Mr. Simpson and the Company have entered into an offer letter that sets out certain terms that will be included in a definitive employment agreement to be entered into by the Company and Mr. Simpson at a later date. Upon commencement of his employment, Mr. Simpson will also enter into an indemnification agreement with the Company. Pursuant to the offer letter, Mr. Simpson’s base salary will be $260,000 annually and he will be eligible to receive an annual bonus at an incentive target of thirty percent (30%) of his base salary. Mr. Simpson will receive a bonus of $20,000 payable upon commencement of his employment and $25,000 payable upon the six (6) month anniversary of his commencement date. Mr. Simpson will also receive an option to purchase 250,000 shares of the Company’s common stock at fair market value on the date of grant with a four (4) year vesting period, subject to Mr. Simpson’s continued employment with the Company and the terms of the Company’s 1998 Stock Option Plan. If Mr. Simpson’s employment is terminated by the Company without cause or he resigns due to a reduction of his duties or compensation after a change in control of the Company, Mr. Simpson will be entitled to twelve (12) months of base salary, pro-rated bonuses and health benefits continuation. Additionally, Mr. Simpson will be entitled to receive acceleration of the vesting of his outstanding stock options under certain circumstances. Mr. Simpson and the Company have not engaged in any other transactions other than the offer letter, the terms of which are described above. A copy of the press release announcing Mr. Simpson’s appointment is attached as Exhibit 99.1.

 

On August 22, 2005, the Company and Tim J. Carroll entered into the Consulting Agreement in connection with his retirement as the Company’s CFO effective as of October 3, 2005. Pursuant to the Consulting Agreement, Mr. Carroll will serve as a full-time consultant receiving his full base salary for three (3) months until January 3, 2006 and then will serve as a consultant on a part-time basis receiving fifty percent (50%) of his base salary for one (1) month until February 3, 2006. He will also receive a bonus for the year 2005 equal to thirty percent (30%) of his base salary, payable upon the Company’s payment of other 2005 executive officer bonuses. In addition, Mr. Carroll’s options to purchase shares of the Company’s common stock will continue to vest through the period he is providing consulting services to the Company. The Company will also pay COBRA benefits through May 30, 2006 for Mr. Carroll. The Consulting Agreement is filed with this report as Exhibit 10.1 and its contents are incorporated by reference into this Item 5.02.
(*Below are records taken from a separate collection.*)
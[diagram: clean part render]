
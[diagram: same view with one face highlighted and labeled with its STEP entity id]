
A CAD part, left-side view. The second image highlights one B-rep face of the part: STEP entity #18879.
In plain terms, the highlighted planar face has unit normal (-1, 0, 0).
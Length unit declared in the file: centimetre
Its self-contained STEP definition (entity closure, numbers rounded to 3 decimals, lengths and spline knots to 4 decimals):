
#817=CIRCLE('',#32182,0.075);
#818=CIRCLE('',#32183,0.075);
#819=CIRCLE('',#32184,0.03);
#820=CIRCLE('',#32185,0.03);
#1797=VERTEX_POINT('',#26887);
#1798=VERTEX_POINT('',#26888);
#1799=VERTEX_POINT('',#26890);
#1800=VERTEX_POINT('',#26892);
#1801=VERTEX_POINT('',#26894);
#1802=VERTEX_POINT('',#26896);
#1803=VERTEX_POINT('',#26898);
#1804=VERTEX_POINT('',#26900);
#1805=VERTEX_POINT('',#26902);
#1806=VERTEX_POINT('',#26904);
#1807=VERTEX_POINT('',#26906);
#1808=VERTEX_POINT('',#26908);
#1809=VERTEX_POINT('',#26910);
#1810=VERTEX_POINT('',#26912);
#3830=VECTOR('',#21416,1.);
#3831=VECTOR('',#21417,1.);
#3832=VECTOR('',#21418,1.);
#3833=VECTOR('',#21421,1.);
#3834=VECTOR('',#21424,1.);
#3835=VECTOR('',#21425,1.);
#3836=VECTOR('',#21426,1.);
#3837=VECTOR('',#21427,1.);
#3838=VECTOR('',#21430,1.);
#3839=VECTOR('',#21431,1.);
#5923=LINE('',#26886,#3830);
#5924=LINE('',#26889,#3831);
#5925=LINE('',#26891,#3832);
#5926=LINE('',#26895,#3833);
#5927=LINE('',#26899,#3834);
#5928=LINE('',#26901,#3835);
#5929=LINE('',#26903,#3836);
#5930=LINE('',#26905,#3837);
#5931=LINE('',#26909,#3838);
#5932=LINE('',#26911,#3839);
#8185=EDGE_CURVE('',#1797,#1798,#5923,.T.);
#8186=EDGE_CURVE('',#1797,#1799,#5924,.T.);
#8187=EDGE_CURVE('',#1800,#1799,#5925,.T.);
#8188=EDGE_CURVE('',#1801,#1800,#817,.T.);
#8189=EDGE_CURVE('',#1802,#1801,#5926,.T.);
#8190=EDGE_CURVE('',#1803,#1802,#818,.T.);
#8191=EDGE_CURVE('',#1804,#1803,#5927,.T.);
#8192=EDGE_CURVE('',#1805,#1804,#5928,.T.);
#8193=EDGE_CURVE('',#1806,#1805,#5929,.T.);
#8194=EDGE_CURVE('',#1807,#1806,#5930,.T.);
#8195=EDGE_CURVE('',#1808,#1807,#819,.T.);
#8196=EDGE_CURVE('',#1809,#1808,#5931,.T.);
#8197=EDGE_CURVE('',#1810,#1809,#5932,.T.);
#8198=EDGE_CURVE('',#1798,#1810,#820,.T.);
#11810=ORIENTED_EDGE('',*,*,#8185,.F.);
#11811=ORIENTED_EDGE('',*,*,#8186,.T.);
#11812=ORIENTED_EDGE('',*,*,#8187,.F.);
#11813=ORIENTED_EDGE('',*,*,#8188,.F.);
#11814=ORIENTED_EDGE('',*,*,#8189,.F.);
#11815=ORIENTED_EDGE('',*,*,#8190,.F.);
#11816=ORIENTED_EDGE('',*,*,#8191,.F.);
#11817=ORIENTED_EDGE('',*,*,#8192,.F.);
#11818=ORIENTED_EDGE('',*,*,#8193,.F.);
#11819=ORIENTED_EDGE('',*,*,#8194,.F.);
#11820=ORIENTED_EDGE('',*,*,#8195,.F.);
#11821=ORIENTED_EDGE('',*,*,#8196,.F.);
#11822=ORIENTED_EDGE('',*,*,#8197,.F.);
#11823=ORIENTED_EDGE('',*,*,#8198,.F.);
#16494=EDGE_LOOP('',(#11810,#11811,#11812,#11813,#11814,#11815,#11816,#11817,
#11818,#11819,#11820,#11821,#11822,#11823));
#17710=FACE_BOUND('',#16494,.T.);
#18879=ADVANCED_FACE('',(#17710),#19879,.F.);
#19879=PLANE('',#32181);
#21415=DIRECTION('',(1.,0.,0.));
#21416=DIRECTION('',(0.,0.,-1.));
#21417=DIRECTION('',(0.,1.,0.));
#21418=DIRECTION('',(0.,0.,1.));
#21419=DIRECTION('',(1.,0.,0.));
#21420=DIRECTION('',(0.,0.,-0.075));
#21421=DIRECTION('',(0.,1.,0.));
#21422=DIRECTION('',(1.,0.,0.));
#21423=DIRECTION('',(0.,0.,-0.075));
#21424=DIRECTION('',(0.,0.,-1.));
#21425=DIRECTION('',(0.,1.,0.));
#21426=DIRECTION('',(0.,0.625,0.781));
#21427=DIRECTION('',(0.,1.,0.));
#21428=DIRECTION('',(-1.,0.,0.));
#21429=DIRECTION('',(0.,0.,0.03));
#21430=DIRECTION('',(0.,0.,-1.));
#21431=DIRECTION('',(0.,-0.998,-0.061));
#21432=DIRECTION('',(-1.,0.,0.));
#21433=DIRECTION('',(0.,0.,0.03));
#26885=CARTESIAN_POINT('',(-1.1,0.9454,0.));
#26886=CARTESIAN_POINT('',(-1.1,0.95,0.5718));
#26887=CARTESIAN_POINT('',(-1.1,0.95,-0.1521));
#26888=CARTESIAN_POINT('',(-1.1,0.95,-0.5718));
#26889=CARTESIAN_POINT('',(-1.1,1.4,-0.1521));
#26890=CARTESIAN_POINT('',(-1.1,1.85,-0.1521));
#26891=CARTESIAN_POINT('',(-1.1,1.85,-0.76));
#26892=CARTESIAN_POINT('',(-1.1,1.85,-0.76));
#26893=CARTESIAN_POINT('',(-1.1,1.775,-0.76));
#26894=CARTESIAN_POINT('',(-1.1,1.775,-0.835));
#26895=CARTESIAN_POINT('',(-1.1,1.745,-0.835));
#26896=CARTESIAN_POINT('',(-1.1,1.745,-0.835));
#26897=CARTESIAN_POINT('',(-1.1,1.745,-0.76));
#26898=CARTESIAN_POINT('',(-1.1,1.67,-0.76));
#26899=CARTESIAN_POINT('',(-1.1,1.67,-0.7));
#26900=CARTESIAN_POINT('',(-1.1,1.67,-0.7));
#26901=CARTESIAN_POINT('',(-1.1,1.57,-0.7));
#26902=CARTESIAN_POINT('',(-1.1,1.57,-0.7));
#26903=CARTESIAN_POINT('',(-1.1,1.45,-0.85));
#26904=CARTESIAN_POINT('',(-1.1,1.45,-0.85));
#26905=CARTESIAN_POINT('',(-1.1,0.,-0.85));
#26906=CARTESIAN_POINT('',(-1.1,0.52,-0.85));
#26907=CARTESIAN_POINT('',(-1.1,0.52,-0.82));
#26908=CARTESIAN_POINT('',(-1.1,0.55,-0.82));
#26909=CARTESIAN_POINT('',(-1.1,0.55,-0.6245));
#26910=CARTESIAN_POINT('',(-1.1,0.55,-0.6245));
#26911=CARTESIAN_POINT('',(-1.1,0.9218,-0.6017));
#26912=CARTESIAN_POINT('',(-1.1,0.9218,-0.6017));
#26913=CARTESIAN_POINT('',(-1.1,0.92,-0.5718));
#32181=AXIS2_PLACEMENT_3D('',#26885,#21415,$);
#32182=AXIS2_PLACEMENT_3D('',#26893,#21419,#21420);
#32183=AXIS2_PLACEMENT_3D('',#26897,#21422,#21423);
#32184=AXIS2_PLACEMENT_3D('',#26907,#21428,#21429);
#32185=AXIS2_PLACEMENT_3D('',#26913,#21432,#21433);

Item 9.01 Financial Statements and Exhibits.

 

(c) Exhibits.

 

10.1   Consulting and Severance Agreement by and between the Company and Tim J. Carroll dated August 22, 2005.
99.1   Press Release of Seattle Genetics, Inc. dated August 23, 2005.


 

SIGNATURES

 

Pursuant to the requirements of the Securities Exchange Act of 1934, the registrant has duly caused this report to be signed on its behalf by the undersigned hereunto duly authorized.

 

        SEATTLE GENETICS, INC.
Date: August 23, 2005       By:  

/s/ Clay B. Siegall

               

Clay B. Siegall

               

President and Chief Executive Officer


 

INDEX TO EXHIBITS

 

Exhibit No.

 

Description    


10.1   Consulting and Severance Agreement by and between the Company and Tim J. Carroll dated August 22, 2005.
99.1   Press Release of Seattle Genetics, Inc. dated August 23, 2005.